EXERCISE OBJECTIVE
The answer must be a single number: the count of lines below that contain the string "PortWeldVest".

─── SUPPLIED MATERIAL ───

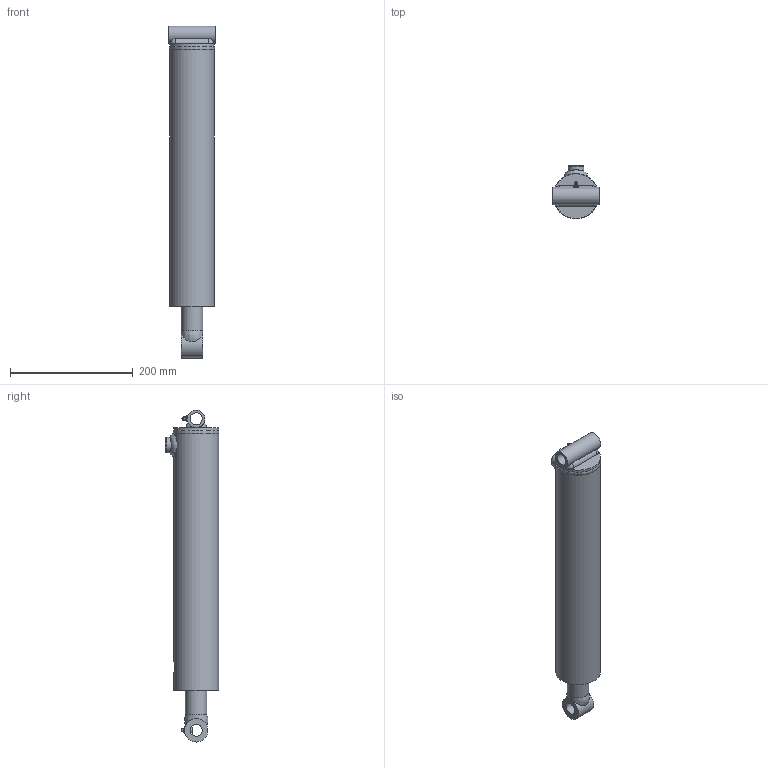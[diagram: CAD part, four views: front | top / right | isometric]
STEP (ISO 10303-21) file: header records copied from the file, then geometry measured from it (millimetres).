
FILE_DESCRIPTION((''),'2;1');
FILE_NAME('\\SRVR-ENG\EngSales\PMC-5412.stp','2013-02-12T14:00:30',('KneiflD'),(''),'Autodesk Inventor 2012','Autodesk Inventor 2012','');
FILE_SCHEMA(('AUTOMOTIVE_DESIGN { 1 0 10303 214 1 1 1 1 }'));
Length unit declared in the file: inch
Products named in the file (19): PMC-5412; 061300045; 051300070; 161300005; 200014303; 210300144; B&TWeldVest; PortWeldVest; X-tube Weld; 081300356; 020700168; 010700661; 210300202; Rod Weld; 071300016; 220000208; 270010002; 270010020; 230001250
Assembly tree (18 placements, depth 3):
  PMC-5412
    061300045
      051300070
      161300005
      200014303
      210300144
      B&TWeldVest
      PortWeldVest
      X-tube Weld
    081300356
    020700168
      010700661
      210300202
      Rod Weld
    071300016
    220000208
    270010002
    270010020
    230001250
Bounding box: 76.2 x 87.91 x 541.32 mm (x, y, z)
Volume: 1139424.1 mm3; surface area: 330930.4 mm2
Topology: 16 solids, 16 shells, 197 faces, 410 edges, 255 vertices
Faces by surface type: plane 71, cylinder 59, cone 30, torus 27, bspline 8, sphere 2
Full cylindrical faces by diameter (mm): 1.524 x1, 2.794 x2, 5.41 x1, 6.074 x1, 8.839 x1, 9.525 x1, 9.855 x1, 14.3 x1, 17.323 x1, 18.999 x1, 19.126 x1, 19.558 x1, 19.837 x1, 19.844 x1, 21.615 x1, 25.4 x2, 28.575 x1, 34.925 x1, 35.001 x2, 38.1 x1, 38.71 x1, 41.275 x2, 42.85 x1, 48.768 x1, 54.051 x1, 54.864 x1, 56.032 x1, 58.725 x1, 63.017 x2, 63.246 x2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
Entity records: 6297 total; most frequent: CARTESIAN_POINT 2001, DIRECTION 847, ORIENTED_EDGE 586, AXIS2_PLACEMENT_3D 394, EDGE_LOOP 342, EDGE_CURVE 293, VERTEX_POINT 239, FACE_OUTER_BOUND 197
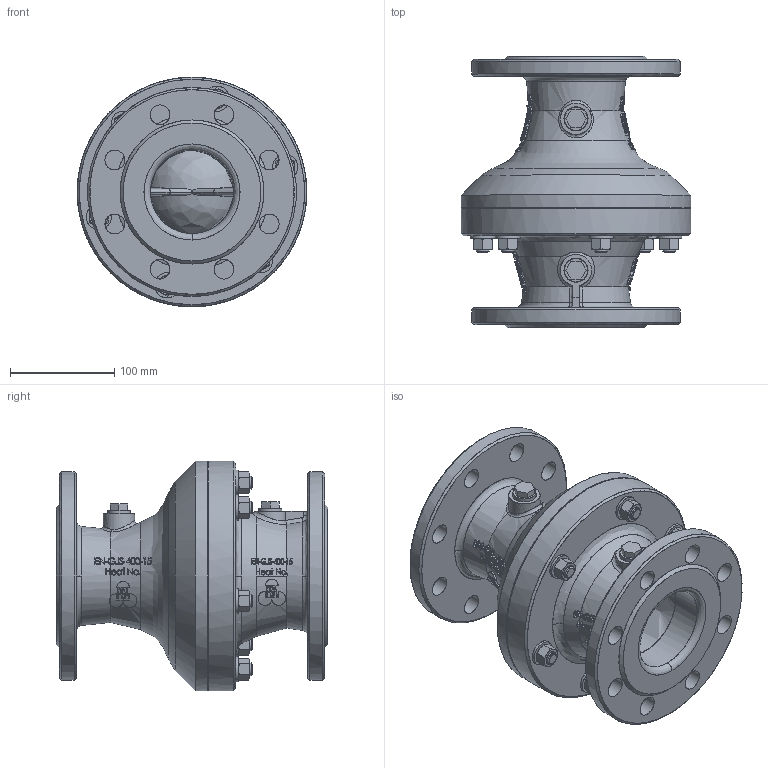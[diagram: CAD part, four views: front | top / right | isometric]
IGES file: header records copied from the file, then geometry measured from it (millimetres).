
Start section: P
Global section: file name: PSA_Hydro-Stop_DN80.igs; native system: By Siemens PLM Incorporated; preprocessor: XPlus GENERIC/IGES 25.1.153; author: Christin-Michelle Fremgen; organization: PSA Wasserarmaturen GmbH; date: 20241009.154411; units: millimetre
Bounding box: 220 x 260 x 220 mm (x, y, z)
Surface area: 376989.2 mm2 (no closed solid volume)
Topology: 0 solids, 0 shells, 1400 faces, 7701 edges, 7689 vertices
Faces by surface type: bspline 1400

───

ANSWER SECTION
2